The rapid evolution of artificial intelligence (AI) is reshaping industries across the globe, yet it often overlooks the linguistic diversity that defines many regions. In India, a nation rich with over 120 recognized languages and countless dialects, the need for AI systems that cater to its multilingual fabric is urgent. The AI models predominantly cater to English-speaking users, leaving a significant portion of the Indian population underserved. This is where BharatGen steps in, aiming to revolutionize the AI landscape to better serve India's diverse linguistic needs.
BharatGen, an initiative funded by the Indian Department of Science and Technology, is spearheading efforts to create AI models that resonate with India's linguistic diversity. Initiated last year at IIT Bombay, BharatGen has already developed foundational models for 14 of the most prevalent Indic languages. Their ambition extends beyond these to encompass all 22 scheduled languages of India, with aspirations to support even more of the country's linguistic diversity.
BharatGen's mission is clear: to ensure that the AI revolution is inclusive, catering to the cultural and linguistic nuances of India's vast population. This is an essential step towards digital equity, allowing broader participation in the digital economy and society.
In a significant leap towards achieving its goals, BharatGen has partnered with IBM.

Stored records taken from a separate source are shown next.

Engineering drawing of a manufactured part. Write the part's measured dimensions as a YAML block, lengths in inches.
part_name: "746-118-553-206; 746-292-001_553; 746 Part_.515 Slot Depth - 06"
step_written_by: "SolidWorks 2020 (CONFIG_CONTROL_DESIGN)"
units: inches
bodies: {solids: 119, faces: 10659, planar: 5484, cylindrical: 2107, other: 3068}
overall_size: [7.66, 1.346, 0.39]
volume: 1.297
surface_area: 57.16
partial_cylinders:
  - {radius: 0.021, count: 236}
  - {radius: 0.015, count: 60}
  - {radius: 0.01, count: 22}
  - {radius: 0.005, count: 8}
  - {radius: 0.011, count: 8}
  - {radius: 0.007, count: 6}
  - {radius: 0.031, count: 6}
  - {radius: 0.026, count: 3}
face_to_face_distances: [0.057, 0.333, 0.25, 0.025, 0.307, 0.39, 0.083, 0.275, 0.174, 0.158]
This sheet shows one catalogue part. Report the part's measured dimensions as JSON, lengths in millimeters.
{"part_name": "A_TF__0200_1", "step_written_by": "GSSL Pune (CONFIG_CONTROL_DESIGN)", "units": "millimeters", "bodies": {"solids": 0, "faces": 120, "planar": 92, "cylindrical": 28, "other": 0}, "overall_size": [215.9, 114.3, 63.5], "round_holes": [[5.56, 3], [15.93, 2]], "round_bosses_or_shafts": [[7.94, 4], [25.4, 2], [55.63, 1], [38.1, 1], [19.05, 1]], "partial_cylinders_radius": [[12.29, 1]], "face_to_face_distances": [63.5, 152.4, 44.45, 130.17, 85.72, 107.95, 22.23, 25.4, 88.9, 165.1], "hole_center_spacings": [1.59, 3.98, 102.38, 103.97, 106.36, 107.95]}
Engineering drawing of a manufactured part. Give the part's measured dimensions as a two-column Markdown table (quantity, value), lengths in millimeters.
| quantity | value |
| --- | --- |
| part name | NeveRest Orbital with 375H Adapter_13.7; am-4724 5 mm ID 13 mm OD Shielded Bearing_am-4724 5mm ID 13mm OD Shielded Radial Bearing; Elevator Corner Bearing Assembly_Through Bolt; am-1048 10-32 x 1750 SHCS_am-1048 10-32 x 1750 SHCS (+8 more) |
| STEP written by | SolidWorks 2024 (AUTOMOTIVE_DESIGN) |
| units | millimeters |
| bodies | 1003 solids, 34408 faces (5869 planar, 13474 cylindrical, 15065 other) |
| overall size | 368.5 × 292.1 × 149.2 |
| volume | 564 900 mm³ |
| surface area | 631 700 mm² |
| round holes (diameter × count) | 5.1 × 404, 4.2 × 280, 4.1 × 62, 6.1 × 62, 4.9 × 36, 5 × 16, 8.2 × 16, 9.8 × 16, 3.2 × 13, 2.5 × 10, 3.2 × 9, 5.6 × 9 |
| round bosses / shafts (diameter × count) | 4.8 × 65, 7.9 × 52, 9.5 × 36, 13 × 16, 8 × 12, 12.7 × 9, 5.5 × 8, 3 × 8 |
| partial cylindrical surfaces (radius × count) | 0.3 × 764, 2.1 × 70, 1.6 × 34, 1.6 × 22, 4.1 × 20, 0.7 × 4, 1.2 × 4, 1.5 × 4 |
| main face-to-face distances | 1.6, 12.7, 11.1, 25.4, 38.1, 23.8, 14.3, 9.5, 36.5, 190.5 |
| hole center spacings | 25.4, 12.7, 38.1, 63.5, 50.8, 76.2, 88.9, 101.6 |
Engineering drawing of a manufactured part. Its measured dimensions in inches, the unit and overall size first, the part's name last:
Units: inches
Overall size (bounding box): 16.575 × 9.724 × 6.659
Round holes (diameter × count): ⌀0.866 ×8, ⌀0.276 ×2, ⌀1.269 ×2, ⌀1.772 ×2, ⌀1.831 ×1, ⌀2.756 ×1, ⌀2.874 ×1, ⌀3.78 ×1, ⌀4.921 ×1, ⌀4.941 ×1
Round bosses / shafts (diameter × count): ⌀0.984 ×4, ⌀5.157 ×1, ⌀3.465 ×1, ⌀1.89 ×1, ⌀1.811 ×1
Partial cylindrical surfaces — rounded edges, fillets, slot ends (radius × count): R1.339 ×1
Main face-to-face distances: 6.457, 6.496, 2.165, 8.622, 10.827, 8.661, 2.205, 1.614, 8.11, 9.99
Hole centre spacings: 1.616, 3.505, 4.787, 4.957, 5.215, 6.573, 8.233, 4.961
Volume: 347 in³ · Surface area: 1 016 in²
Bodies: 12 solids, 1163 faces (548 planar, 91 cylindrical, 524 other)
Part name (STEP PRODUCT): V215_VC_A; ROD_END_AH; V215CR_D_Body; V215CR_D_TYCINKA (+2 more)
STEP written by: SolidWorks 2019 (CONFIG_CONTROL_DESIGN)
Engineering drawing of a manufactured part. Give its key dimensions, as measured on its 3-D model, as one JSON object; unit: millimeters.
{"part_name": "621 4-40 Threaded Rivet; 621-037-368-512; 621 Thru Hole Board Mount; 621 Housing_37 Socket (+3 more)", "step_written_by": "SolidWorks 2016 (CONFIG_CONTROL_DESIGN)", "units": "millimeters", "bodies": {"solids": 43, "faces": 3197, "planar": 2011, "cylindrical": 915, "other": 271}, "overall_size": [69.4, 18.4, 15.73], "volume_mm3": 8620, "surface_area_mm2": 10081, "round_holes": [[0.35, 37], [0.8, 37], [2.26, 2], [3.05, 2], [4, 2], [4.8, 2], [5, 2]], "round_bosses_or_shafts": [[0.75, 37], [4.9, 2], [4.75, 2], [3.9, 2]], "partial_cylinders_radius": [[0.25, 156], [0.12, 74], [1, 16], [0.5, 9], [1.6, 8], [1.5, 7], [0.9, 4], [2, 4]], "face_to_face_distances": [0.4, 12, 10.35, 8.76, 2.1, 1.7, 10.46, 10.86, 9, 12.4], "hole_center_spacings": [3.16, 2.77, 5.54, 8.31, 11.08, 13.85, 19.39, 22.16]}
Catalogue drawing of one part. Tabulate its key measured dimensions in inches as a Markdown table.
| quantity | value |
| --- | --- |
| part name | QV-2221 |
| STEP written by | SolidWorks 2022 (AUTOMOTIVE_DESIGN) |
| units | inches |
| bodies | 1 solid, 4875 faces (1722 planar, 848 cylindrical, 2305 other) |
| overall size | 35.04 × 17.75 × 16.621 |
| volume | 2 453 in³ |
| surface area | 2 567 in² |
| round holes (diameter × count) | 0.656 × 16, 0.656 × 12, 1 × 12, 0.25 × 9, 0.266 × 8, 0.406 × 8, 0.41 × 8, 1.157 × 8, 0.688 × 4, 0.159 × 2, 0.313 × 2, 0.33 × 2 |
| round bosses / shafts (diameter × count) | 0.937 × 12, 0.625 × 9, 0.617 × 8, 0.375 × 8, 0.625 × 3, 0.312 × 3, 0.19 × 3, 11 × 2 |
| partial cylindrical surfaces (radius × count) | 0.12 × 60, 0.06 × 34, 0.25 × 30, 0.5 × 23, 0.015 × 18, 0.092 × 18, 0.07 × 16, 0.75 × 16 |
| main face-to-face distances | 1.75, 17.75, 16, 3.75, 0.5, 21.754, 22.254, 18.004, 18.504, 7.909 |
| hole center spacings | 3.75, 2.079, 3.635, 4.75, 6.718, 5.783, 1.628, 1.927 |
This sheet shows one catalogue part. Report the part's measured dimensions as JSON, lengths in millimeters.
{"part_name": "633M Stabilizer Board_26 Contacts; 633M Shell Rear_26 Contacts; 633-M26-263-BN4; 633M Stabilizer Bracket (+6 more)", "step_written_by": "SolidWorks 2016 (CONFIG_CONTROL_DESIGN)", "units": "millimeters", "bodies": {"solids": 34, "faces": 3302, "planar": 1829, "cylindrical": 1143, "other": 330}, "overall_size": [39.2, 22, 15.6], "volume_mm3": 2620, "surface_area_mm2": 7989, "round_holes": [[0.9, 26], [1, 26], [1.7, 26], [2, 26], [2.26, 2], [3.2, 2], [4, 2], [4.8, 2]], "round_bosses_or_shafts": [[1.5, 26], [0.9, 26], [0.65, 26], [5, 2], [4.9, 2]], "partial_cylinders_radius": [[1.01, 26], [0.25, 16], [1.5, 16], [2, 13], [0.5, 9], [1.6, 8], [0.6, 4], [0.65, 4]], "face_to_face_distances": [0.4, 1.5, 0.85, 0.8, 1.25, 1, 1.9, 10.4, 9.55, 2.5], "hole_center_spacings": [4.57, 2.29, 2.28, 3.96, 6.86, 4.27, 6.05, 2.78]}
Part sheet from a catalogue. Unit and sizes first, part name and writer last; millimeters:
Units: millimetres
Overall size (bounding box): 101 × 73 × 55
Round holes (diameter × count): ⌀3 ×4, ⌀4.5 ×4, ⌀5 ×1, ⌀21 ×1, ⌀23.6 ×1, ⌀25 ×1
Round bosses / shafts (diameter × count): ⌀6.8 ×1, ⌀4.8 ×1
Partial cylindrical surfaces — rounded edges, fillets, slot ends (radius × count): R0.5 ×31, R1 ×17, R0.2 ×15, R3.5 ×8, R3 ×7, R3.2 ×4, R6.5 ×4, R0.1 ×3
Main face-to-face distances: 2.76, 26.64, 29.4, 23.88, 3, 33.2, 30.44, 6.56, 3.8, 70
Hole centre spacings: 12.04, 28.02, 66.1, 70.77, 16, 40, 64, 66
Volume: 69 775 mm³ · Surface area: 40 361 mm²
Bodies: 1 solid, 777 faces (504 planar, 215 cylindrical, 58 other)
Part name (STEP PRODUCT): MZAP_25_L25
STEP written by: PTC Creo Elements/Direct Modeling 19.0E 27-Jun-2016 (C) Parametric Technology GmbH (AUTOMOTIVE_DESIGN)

This partnership was nurtured through an initial meeting at an AI Alliance event at IBM Research India, where early collaborations demonstrated the potential of IBM’s InstructLab tool for fine-tuning models for Indic languages. This laid the groundwork for the current extensive collaboration.
The collaboration between BharatGen and IBM will initially focus on several key sectors: education, agriculture, banking, healthcare, and citizen services. These are areas where AI can significantly enhance service delivery and user experience. By integrating with IBM's Granite models and utilizing IBM watsonx and Red Hat OpenShift AI, the joint effort aims to develop use case templates that address the unique challenges and opportunities within these industries.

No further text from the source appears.